╭─ Records for the exercise

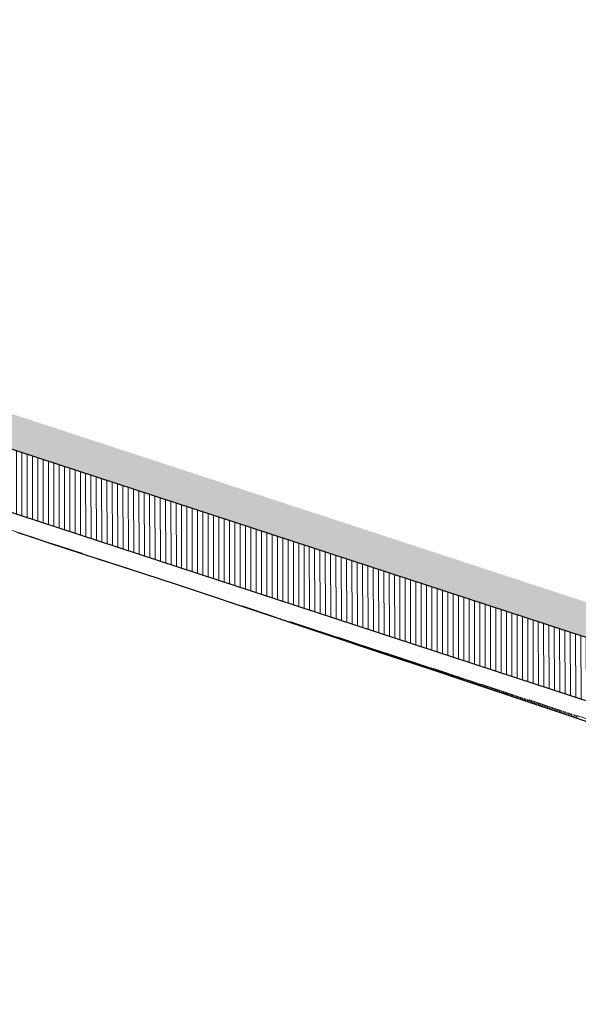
# Model space of a CAD drawing. Header units: metres. Extents: x 8431043 to 8456388, y 5766167 to 5771876.
# Tile 23 of 31: x 8434304 to 8434321, y 5770216 to 5770245. Entities that reach past the tile are written whole.
import ezdxf

# ---------------------------------------------------------------- set-up
doc = ezdxf.new("R2010")
doc.units = ezdxf.units.M
for name, pattern in [('4011', [6, 4, -2]), ('ACAD_ISO10W100', [18, 12, -3, 0, -3]), ('CIĄGŁA', [0])]:
    doc.linetypes.add(name, pattern=pattern)
doc.layers.add('C-DROGI-SYTUACJA', color=7, linetype='Continuous')
doc.layers.add('DRO_Podzespół', color=7, linetype='Continuous')
doc.layers.add('hatch zdi chodniki', color=7, linetype='Continuous', lineweight=0, true_color=0x8345ba)
for name, color, linetype, lineweight in [('kreskowanie skarp', 250, 'Continuous', 15), ('linia', 7, 'CIĄGŁA', 20), ('WYMIARY', 253, 'Continuous', 13), ('Zalacznik_3_Rowy DW837|Zalacznik_3_Rowy DW837|zdi pobocze', 250, '4011', 18), ('zdi_obrzeze chodnikowe 8x30', 6, 'Continuous', 30)]:
    doc.layers.add(name, color=color, linetype=linetype, lineweight=lineweight)
doc.styles.add('ISOCP', font='geniso.shx')
doc.styles.add('własny_500', font='isocp.shx', dxfattribs={"width": 0.9, "height": 1.2})
doc.dimstyles.new('kopia własny 500', dxfattribs={"dimtxt": 1.2, "dimasz": 0.8, "dimexe": 0.1795, "dimexo": 0.0625, "dimgap": 0.09, "dimtad": 3, "dimdec": 1, "dimzin": 0, "dimdsep": 46, "dimtxsty": 'własny_500', "dimblk": 'ARCHTICK', "dimcen": 0.09, "dimaunit": 2, "dimadec": 4, "dimazin": 0, "dimtfac": 1, "dimtdec": 1, "dimtofl": 0, "dimtmove": 2, "dimatfit": 3, "dimldrblk": 'ARCHTICK', "dimfxl": 1, "dimtolj": 1, "dimtzin": 0, "dimarcsym": 0})

# ---------------------------------------------------------------- blocks, each defined once
blk = doc.blocks.new('_ARCHTICK')
at = {"color": 0, "linetype": 'ByBlock', "const_width": 0.15}
blk.add_lwpolyline([(-0.5, -0.5), (0.5, 0.5)], dxfattribs=at)
blk = doc.blocks.new('*D68')
at = {"layer": 'Defpoints', "color": 0, "transparency": 16777216}
for p in [(8434103.31, 5770299.555), (8434102.578, 5770297.403), (8434358.232, 5770212.869)]:
    blk.add_point(p, dxfattribs=at)
at = {"layer": 'WYMIARY', "color": 0, "lineweight": -2, "transparency": 16777216}
blk.add_line((8434102.578, 5770297.403), (8434103.31, 5770299.555), dxfattribs=at)
at = {"layer": 'WYMIARY', "color": 0, "lineweight": -2, "transparency": 16777216, "xscale": 0.75, "yscale": 0.75, "zscale": 0.75}
for p, rotation in [((8434103.31, 5770299.555), 71.21936853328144), ((8434102.578, 5770297.403), 251.2193685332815)]:
    blk.add_blockref('_ARCHTICK', p, dxfattribs=dict(at, rotation=rotation))
at = {"layer": 'WYMIARY', "color": 0, "transparency": 16777216, "insert": (8434102.267, 5770298.709), "char_height": 1.25, "attachment_point": 5, "rotation": 71.2194, "style": 'ISOCP'}
blk.add_mtext('\\A1;2.3', dxfattribs=at)
blk = doc.blocks.new('*D75')
at = {"layer": 'Defpoints', "color": 0, "transparency": 16777216}
for p in [(8434749.828, 5771876.32), (8434750.943, 5771875.576), (8432377.706, 5768319.94)]:
    blk.add_point(p, dxfattribs=at)
at = {"layer": 'WYMIARY', "color": 0, "lineweight": -2, "transparency": 16777216}
blk.add_line((8432378.821, 5768319.196), (8434750.943, 5771875.576), dxfattribs=at)
at = {"layer": 'WYMIARY', "color": 0, "lineweight": -2, "transparency": 16777216, "xscale": 0.75, "yscale": 0.75, "zscale": 0.75}
for p, rotation in [((8434750.943, 5771875.576), 56.29653123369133), ((8432378.821, 5768319.196), 236.2965312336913)]:
    blk.add_blockref('_ARCHTICK', p, dxfattribs=dict(at, rotation=rotation))
at = {"layer": 'WYMIARY', "color": 0, "transparency": 16777216, "insert": (8433564.287, 5770097.783), "char_height": 1.25, "attachment_point": 5, "rotation": 56.2965, "style": 'ISOCP'}
blk.add_mtext('\\A1;4274.9', dxfattribs=at)
blk = doc.blocks.new('*U80')
at = {"layer": 'C-DROGI-SYTUACJA', "color": 1, "linetype": 'ACAD_ISO10W100', "lineweight": 13, "ltscale": 0.3}
blk.add_line((8434372.966, 5770209.937), (8434304.064, 5770232.504), dxfattribs=at)
blk = doc.blocks.new('sdd')
at = {"layer": 'C-DROGI-SYTUACJA', "color": 7, "linetype": 'Continuous', "lineweight": -3}
blk.add_blockref('*U80', (0, 0), dxfattribs=at)

msp = doc.modelspace()

# ---------------------------------------------------------------- hatches: boundary and pattern name
at = {"layer": 'hatch zdi chodniki', "lineweight": 13, "transparency": 33554687}
h = msp.add_hatch(dxfattribs=at)
h.set_pattern_fill('DOTS', color=3, scale=0.13, style=0)
h.paths.add_polyline_path([(8434291.477, 5770237.592), (8434289.272, 5770237.22), (8434294.219, 5770235.709), (8434304.064, 5770232.504), (8434352.975, 5770216.485), (8434351.386, 5770218.057), (8434304.375, 5770233.454), (8434294.52, 5770236.663)])
h.paths.add_polyline_path([(8434266.018, 5770244.733), (8434265.639, 5770244.676), (8434266.015, 5770244.554)])
h.paths.add_polyline_path([(8434267.85, 5770245.01), (8434266.018, 5770244.733), (8434266.015, 5770244.554), (8434270.421, 5770243.126), (8434280.902, 5770239.775), (8434284.092, 5770238.801), (8434282.471, 5770240.342), (8434281.2, 5770240.73), (8434270.728, 5770244.077)])
h.paths.add_polyline_path([(8434149.083, 5770283.339), (8434146.907, 5770283.089), (8434157.392, 5770279.145), (8434183.652, 5770271.152), (8434226.176, 5770257.466), (8434259.239, 5770246.75), (8434257.644, 5770248.318), (8434226.484, 5770258.418), (8434183.951, 5770272.107), (8434157.714, 5770280.092)])
h.paths.add_polyline_path([(8434094.662, 5770300.267), (8434093.121, 5770301.888), (8434084.6, 5770304.97), (8434081.22, 5770305.98), (8434077.409, 5770307.545), (8434076.937, 5770306.658), (8434080.886, 5770305.036), (8434084.287, 5770304.02)])
h.paths.add_polyline_path([(8434101.584, 5770298.826), (8434099.363, 5770298.566), (8434102.578, 5770297.403), (8434143.622, 5770284.325), (8434142.025, 5770285.883), (8434102.9, 5770298.35)])
h.paths.add_polyline_path([(8434011.442, 5770340.526), (8434009.246, 5770340.649), (8434010.908, 5770339.677), (8434013.388, 5770338.368), (8434047.859, 5770319.647), (8434066.478, 5770310.954), (8434076.937, 5770306.658), (8434077.409, 5770307.545), (8434066.88, 5770311.87), (8434048.31, 5770320.54), (8434013.86, 5770339.25)])
h.paths.add_polyline_path([(8433893.006, 5770405.515), (8433891.889, 5770405.573), (8433905.229, 5770398.018), (8433905.33, 5770397.958), (8433905.528, 5770398.422), (8433905.48, 5770398.45)])
h.paths.add_polyline_path([(8433748.793, 5770512.117), (8433746.759, 5770513.046), (8433749.963, 5770509.073), (8433750.804, 5770508.222), (8433762.888, 5770493.325), (8433772.314, 5770482.022), (8433776.22, 5770478.9), (8433763.66, 5770493.96), (8433751.55, 5770508.89), (8433750.71, 5770509.74)])
h.paths.add_polyline_path([(8433722.133, 5770543.576), (8433721.656, 5770545.761), (8433699.12, 5770573.7), (8433684.56, 5770591.47), (8433678.06, 5770600.19), (8433665.01, 5770615.39), (8433650.72, 5770633.02), (8433646.54, 5770638.47), (8433641.4, 5770644.56), (8433638.24, 5770647.86), (8433633.92, 5770651.89), (8433628.93, 5770655.99), (8433625.45, 5770658.54), (8433620.64, 5770661.61), (8433615.52, 5770664.21), (8433611.16, 5770665.93), (8433605.98, 5770667.46), (8433600.42, 5770668.54), (8433595.22, 5770669.19), (8433591.69, 5770669.45), (8433588.3, 5770669.58), (8433585.73, 5770669.59), (8433584.66, 5770669.57), (8433578.02, 5770669.4), (8433570.07, 5770668.93), (8433535.02, 5770665.16), (8433485.31, 5770659.82), (8433471.71, 5770658.26), (8433462.94, 5770656.9), (8433452.67, 5770654.68), (8433445.44, 5770652.68), (8433437.08, 5770649.89), (8433430.89, 5770647.48), (8433422.58, 5770643.75), (8433415.28, 5770639.99), (8433407.52, 5770635.43), (8433399.86, 5770630.32), (8433394.21, 5770626.11), (8433389.06, 5770621.91), (8433384.92, 5770618.26), (8433379.84, 5770613.41), (8433375.1, 5770608.47), (8433369.83, 5770602.43), (8433366.47, 5770598.28), (8433360.39, 5770590.39), (8433330.15, 5770550.58), (8433325.4, 5770544.43), (8433322.62, 5770541.08), (8433319.22, 5770537.42), (8433315.34, 5770533.91), (8433311.49, 5770531.11), (8433308.5, 5770529.35), (8433305.18, 5770527.75), (8433300.92, 5770526.19), (8433296.07, 5770525.01), (8433292.33, 5770524.5), (8433289.92, 5770524.35), (8433287.56, 5770524.33), (8433283.49, 5770524.61), (8433278.75, 5770525.44), (8433274.38, 5770526.72), (8433271.03, 5770528.06), (8433267.26, 5770529.98), (8433263.73, 5770532.25), (8433259.5, 5770535.71), (8433256.42, 5770538.88), (8433255.372, 5770540.221), (8433254.831, 5770539.289), (8433255.665, 5770538.222), (8433258.823, 5770534.972), (8433263.141, 5770531.44), (8433266.761, 5770529.112), (8433270.617, 5770527.148), (8433274.053, 5770525.774), (8433278.523, 5770524.465), (8433283.369, 5770523.616), (8433287.53, 5770523.33), (8433289.955, 5770523.35), (8433292.429, 5770523.504), (8433296.256, 5770524.026), (8433301.211, 5770525.232), (8433305.57, 5770526.828), (8433308.972, 5770528.467), (8433312.039, 5770530.273), (8433315.971, 5770533.133), (8433319.923, 5770536.708), (8433323.372, 5770540.42), (8433326.181, 5770543.805), (8433330.944, 5770549.972), (8433361.184, 5770589.782), (8433367.255, 5770597.66), (8433370.596, 5770601.786), (8433375.838, 5770607.795), (8433380.546, 5770612.702), (8433385.596, 5770617.523), (8433389.707, 5770621.147), (8433394.825, 5770625.321), (8433400.437, 5770629.503), (8433408.051, 5770634.582), (8433415.763, 5770639.114), (8433423.014, 5770642.849), (8433431.276, 5770646.557), (8433437.42, 5770648.949), (8433445.732, 5770651.723), (8433452.909, 5770653.709), (8433463.122, 5770655.916), (8433471.844, 5770657.269), (8433485.42, 5770658.826), (8433535.127, 5770664.166), (8433570.153, 5770667.933), (8433577.874, 5770668.39), (8433592.619, 5770665.234), (8433598.335, 5770664.537), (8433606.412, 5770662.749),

╰─

- _Instructions for the task_
Using the entries above, give again exactly the lines from the line holding "msp = doc.modelspace()" through the line holding "5770244.676), (8434266.015, 5770244.554)])". Include both end lines and nothing else.

- _Output for this task_
msp = doc.modelspace()

# ---------------------------------------------------------------- hatches: boundary and pattern name
at = {"layer": 'hatch zdi chodniki', "lineweight": 13, "transparency": 33554687}
h = msp.add_hatch(dxfattribs=at)
h.set_pattern_fill('DOTS', color=3, scale=0.13, style=0)
h.paths.add_polyline_path([(8434291.477, 5770237.592), (8434289.272, 5770237.22), (8434294.219, 5770235.709), (8434304.064, 5770232.504), (8434352.975, 5770216.485), (8434351.386, 5770218.057), (8434304.375, 5770233.454), (8434294.52, 5770236.663)])
h.paths.add_polyline_path([(8434266.018, 5770244.733), (8434265.639, 5770244.676), (8434266.015, 5770244.554)])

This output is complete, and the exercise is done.